### Record set:
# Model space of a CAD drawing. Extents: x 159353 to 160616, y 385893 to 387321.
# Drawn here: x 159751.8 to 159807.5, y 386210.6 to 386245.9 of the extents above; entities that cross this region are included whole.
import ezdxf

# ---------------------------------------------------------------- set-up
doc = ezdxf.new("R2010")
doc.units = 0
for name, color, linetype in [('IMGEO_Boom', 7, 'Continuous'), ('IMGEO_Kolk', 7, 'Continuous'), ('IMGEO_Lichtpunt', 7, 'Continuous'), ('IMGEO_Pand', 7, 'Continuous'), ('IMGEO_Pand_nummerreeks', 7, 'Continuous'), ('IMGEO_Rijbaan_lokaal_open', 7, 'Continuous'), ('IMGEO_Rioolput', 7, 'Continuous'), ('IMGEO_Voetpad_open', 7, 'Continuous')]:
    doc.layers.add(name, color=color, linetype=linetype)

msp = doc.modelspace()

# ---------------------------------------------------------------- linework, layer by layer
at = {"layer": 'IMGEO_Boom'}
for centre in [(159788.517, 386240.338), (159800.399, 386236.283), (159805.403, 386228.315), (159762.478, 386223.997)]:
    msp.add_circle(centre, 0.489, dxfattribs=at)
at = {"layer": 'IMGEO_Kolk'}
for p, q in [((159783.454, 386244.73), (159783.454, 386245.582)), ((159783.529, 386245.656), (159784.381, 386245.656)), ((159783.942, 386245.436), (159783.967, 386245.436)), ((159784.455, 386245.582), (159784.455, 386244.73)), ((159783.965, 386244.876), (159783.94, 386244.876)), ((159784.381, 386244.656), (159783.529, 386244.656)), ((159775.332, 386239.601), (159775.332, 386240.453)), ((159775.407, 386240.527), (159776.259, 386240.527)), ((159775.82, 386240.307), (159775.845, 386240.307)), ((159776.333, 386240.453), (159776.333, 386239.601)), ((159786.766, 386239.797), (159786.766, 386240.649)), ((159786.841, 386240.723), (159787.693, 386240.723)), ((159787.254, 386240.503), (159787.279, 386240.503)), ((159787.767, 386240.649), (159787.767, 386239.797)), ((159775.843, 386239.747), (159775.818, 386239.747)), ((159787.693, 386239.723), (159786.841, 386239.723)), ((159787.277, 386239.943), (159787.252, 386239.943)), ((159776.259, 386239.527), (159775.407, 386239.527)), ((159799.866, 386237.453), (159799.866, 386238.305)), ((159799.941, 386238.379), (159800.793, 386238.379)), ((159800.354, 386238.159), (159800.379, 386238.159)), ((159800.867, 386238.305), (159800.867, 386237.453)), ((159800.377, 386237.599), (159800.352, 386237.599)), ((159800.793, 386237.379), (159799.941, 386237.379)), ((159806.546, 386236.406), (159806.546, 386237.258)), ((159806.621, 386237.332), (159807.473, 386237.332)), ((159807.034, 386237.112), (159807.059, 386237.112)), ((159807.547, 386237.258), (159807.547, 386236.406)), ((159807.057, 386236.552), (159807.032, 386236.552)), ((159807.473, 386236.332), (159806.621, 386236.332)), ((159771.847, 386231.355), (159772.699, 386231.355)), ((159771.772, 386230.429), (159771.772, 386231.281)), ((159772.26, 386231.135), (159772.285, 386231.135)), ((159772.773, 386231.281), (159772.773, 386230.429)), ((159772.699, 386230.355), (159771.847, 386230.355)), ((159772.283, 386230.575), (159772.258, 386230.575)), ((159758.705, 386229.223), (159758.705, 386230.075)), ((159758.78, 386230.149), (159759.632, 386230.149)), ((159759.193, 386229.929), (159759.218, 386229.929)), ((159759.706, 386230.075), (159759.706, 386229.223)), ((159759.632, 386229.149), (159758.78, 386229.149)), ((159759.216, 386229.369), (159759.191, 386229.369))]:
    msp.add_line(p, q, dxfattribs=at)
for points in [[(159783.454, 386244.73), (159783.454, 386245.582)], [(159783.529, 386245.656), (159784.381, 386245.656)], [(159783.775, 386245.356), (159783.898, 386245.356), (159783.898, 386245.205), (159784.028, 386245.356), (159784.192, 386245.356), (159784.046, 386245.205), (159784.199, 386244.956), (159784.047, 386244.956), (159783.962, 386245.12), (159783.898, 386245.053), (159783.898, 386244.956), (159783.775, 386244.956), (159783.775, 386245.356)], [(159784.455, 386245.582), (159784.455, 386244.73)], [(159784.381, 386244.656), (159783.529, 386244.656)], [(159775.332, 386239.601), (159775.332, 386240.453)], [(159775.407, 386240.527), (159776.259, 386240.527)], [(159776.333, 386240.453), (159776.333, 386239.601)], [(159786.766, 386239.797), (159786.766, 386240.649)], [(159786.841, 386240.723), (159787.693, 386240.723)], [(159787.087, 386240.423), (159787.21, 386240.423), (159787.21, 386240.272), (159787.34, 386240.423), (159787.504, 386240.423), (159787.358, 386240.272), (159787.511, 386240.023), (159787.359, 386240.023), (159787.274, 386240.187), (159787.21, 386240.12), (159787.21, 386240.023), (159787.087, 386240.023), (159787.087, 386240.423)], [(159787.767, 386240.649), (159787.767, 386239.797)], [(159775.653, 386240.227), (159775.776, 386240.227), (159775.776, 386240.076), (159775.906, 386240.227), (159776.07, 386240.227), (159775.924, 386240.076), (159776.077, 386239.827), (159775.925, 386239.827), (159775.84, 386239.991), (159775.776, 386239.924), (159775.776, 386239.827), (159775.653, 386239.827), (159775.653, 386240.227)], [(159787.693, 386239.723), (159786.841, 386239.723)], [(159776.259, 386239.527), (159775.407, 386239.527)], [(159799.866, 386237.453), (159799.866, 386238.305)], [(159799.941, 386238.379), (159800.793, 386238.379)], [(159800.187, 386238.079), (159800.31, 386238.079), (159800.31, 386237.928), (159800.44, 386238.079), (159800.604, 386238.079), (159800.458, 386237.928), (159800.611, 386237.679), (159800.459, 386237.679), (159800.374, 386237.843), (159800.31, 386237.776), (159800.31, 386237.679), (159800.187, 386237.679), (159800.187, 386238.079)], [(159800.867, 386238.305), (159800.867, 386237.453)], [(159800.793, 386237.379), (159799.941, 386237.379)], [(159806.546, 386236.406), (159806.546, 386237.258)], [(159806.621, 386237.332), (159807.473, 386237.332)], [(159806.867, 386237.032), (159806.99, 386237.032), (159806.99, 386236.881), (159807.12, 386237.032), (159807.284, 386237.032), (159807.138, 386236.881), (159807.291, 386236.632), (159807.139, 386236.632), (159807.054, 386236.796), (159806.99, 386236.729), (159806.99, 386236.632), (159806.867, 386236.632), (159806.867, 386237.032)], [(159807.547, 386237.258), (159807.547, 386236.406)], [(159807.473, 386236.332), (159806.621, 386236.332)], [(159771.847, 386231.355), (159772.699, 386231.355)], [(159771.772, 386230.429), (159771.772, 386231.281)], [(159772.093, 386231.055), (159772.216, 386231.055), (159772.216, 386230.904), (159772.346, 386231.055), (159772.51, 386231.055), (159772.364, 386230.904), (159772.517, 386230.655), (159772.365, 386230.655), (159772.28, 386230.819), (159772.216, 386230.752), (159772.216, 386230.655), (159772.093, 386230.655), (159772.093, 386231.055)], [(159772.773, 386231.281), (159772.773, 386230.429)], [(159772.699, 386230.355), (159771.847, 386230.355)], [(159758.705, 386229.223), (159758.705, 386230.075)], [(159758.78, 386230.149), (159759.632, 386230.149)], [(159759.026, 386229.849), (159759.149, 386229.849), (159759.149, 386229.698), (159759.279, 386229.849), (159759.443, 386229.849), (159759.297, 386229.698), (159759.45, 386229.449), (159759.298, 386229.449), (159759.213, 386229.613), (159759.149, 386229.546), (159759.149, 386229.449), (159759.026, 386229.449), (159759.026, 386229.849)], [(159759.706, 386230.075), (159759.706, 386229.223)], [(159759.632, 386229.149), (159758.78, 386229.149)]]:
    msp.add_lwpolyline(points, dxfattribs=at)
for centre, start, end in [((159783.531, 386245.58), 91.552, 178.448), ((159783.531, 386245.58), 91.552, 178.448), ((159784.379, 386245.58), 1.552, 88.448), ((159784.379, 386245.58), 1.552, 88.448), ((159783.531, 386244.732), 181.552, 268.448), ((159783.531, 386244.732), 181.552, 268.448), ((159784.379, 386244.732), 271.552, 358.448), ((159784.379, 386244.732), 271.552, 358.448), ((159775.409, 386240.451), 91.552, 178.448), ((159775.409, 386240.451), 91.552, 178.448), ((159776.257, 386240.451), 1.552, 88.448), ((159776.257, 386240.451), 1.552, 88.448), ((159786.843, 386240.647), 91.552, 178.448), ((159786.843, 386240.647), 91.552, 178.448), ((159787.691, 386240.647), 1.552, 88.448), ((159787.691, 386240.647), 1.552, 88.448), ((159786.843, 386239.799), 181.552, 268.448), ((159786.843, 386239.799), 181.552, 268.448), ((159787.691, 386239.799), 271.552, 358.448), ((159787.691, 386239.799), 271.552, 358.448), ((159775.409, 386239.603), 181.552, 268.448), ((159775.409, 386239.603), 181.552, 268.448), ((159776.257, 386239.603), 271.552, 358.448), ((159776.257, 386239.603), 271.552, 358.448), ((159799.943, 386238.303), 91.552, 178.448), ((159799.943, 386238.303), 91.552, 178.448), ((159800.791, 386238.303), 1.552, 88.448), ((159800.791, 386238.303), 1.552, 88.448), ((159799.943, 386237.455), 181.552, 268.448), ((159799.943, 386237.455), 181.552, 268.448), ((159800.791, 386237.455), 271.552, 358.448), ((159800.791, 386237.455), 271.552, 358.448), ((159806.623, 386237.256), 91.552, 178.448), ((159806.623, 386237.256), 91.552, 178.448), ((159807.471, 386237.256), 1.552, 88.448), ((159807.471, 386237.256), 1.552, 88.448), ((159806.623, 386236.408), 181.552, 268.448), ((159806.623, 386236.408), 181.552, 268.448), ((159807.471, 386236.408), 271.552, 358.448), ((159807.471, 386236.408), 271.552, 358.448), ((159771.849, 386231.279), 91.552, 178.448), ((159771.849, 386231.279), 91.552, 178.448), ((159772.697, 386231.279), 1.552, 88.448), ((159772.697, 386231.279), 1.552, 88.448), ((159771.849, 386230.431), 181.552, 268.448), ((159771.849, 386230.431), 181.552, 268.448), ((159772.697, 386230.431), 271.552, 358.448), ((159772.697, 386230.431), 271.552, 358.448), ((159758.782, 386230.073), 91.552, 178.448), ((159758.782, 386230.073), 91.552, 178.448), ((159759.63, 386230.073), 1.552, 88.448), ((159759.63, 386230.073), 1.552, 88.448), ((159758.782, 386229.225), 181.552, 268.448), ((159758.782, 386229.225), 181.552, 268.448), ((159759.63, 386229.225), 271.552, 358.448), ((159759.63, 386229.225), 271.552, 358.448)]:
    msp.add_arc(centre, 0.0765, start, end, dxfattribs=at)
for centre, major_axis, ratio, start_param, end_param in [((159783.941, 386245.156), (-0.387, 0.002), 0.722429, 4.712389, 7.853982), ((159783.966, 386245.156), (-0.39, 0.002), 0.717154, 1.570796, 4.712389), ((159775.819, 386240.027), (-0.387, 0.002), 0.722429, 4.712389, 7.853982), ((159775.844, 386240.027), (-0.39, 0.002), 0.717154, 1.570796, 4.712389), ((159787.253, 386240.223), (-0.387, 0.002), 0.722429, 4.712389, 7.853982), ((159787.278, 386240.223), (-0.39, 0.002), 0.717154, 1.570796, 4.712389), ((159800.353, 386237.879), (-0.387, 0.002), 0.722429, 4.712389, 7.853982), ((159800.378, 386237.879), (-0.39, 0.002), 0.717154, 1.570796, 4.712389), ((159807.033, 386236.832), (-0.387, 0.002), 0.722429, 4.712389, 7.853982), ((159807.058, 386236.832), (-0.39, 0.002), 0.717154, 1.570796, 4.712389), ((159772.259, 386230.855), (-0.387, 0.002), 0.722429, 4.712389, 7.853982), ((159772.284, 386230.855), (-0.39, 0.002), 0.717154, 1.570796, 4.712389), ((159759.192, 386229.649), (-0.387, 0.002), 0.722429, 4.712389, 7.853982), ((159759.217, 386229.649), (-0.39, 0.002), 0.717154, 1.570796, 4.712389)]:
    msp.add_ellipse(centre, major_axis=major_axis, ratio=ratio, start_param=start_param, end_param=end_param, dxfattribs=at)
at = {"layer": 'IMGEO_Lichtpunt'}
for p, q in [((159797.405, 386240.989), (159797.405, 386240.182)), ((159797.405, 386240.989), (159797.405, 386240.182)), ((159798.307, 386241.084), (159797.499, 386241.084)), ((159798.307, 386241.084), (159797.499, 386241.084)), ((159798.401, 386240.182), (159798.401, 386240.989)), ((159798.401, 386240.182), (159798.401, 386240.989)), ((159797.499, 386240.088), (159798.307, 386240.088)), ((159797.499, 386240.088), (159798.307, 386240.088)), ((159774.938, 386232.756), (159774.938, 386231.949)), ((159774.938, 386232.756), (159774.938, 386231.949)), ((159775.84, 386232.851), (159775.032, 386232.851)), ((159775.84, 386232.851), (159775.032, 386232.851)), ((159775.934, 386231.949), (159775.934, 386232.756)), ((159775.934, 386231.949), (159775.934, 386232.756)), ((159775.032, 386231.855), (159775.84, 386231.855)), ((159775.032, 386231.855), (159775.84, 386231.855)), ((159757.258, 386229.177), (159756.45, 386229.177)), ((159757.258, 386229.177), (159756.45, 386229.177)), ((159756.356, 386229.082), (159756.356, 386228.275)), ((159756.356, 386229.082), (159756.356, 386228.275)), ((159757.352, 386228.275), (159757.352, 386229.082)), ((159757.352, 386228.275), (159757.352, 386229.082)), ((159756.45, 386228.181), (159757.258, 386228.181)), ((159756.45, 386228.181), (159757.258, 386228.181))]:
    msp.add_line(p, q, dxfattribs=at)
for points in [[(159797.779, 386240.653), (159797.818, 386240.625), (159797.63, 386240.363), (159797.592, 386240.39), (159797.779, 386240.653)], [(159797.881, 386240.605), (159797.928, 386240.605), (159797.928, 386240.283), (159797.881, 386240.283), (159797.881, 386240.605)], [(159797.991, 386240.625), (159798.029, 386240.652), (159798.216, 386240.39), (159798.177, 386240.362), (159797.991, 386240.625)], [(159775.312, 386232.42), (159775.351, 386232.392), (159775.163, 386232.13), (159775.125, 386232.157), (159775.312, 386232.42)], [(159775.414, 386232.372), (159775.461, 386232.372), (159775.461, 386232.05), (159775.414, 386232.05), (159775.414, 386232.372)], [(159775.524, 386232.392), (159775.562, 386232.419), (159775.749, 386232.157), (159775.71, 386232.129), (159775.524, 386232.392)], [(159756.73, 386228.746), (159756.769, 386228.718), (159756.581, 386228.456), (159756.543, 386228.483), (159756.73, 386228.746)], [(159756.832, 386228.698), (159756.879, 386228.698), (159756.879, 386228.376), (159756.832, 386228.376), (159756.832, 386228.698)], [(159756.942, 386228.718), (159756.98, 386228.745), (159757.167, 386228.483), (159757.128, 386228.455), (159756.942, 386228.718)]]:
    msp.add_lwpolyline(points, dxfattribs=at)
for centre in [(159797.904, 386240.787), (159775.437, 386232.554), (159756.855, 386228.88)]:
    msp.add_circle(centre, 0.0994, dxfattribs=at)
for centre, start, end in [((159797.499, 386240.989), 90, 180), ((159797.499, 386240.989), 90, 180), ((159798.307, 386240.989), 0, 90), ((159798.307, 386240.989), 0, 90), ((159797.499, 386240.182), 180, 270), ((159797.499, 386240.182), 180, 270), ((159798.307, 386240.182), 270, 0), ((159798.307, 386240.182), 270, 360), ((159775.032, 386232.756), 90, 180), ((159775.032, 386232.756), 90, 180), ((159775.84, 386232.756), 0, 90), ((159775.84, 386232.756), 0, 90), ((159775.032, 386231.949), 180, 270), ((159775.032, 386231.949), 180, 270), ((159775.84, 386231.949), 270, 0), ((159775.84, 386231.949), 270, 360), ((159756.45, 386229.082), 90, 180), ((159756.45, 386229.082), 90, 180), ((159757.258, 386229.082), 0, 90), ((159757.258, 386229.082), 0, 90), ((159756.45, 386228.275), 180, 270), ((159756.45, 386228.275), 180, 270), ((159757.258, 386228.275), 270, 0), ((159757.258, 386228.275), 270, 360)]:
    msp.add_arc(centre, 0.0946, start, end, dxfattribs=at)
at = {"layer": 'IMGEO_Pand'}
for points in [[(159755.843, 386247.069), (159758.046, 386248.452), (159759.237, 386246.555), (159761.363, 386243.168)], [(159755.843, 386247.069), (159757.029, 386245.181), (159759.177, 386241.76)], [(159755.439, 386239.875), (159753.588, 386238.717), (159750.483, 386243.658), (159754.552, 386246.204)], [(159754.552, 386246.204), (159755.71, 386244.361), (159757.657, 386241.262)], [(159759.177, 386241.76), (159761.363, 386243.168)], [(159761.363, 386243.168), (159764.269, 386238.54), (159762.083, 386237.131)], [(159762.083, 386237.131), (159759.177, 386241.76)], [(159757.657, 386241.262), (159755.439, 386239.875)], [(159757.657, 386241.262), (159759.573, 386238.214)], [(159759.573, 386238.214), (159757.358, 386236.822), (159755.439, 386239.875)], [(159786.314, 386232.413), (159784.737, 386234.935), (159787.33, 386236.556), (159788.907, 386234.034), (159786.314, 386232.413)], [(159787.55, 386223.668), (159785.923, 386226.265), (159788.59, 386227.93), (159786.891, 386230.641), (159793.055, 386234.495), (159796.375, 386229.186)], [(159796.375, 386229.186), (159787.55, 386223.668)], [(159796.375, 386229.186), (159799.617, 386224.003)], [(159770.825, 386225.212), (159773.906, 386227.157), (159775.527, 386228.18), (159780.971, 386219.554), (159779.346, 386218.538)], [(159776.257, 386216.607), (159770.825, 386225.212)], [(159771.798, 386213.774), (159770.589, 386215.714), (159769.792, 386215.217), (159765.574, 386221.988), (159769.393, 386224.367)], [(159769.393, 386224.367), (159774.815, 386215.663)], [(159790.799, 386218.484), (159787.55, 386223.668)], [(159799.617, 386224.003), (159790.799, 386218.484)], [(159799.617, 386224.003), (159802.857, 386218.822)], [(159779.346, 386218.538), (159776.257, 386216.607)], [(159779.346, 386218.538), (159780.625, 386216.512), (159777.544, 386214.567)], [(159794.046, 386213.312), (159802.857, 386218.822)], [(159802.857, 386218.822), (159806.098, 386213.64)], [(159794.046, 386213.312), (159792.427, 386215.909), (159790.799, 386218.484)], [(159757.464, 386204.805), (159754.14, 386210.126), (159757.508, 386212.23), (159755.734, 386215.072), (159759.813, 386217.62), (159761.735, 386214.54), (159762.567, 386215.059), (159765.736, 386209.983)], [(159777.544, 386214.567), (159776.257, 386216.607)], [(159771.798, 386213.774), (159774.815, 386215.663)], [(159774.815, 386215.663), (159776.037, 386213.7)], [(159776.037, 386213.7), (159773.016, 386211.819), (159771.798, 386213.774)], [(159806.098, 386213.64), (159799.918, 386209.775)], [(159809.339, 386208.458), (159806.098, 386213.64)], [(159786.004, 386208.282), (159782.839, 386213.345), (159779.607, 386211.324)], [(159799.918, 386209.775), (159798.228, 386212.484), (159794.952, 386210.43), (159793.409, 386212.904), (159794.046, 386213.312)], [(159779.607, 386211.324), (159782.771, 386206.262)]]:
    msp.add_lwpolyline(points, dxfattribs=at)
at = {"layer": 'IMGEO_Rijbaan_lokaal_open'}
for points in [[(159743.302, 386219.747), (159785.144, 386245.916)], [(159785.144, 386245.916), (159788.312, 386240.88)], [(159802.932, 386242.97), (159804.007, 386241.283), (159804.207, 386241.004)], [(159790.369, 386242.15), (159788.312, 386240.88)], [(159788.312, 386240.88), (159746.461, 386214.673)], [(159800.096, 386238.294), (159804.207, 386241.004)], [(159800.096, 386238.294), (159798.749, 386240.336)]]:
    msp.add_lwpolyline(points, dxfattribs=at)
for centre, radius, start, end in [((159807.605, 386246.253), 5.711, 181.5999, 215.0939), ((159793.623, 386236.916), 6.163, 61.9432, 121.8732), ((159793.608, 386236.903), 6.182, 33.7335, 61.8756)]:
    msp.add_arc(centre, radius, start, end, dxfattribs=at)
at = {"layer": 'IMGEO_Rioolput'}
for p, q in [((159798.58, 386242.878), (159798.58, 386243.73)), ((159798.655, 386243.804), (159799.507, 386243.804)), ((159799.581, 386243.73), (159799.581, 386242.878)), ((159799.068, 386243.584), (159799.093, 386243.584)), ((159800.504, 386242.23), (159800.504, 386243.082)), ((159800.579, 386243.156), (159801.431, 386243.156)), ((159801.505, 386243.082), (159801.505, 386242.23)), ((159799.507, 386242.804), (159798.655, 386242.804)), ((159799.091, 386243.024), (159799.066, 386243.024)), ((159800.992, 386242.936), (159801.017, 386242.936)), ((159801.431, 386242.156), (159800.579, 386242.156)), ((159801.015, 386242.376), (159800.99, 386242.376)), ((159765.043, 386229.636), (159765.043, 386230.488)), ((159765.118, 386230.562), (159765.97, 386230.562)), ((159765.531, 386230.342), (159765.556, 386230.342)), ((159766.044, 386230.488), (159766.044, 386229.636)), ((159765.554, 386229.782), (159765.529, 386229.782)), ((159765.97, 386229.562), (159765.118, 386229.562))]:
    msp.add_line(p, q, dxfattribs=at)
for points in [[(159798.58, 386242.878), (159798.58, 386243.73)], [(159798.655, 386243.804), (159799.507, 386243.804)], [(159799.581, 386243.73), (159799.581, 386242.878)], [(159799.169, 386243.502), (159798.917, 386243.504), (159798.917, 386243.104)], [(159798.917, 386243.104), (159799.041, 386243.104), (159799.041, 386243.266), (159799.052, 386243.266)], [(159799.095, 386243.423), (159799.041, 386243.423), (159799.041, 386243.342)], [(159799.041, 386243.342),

### Problem to work on:
Scan the listing above. Gather each line that contains the word "linetype".

### Expected answer:
for name, color, linetype in [('IMGEO_Boom', 7, 'Continuous'), ('IMGEO_Kolk', 7, 'Continuous'), ('IMGEO_Lichtpunt', 7, 'Continuous'), ('IMGEO_Pand', 7, 'Continuous'), ('IMGEO_Pand_nummerreeks', 7, 'Continuous'), ('IMGEO_Rijbaan_lokaal_open', 7, 'Continuous'), ('IMGEO_Rioolput', 7, 'Continuous'), ('IMGEO_Voetpad_open', 7, 'Continuous')]:
    doc.layers.add(name, color=color, linetype=linetype)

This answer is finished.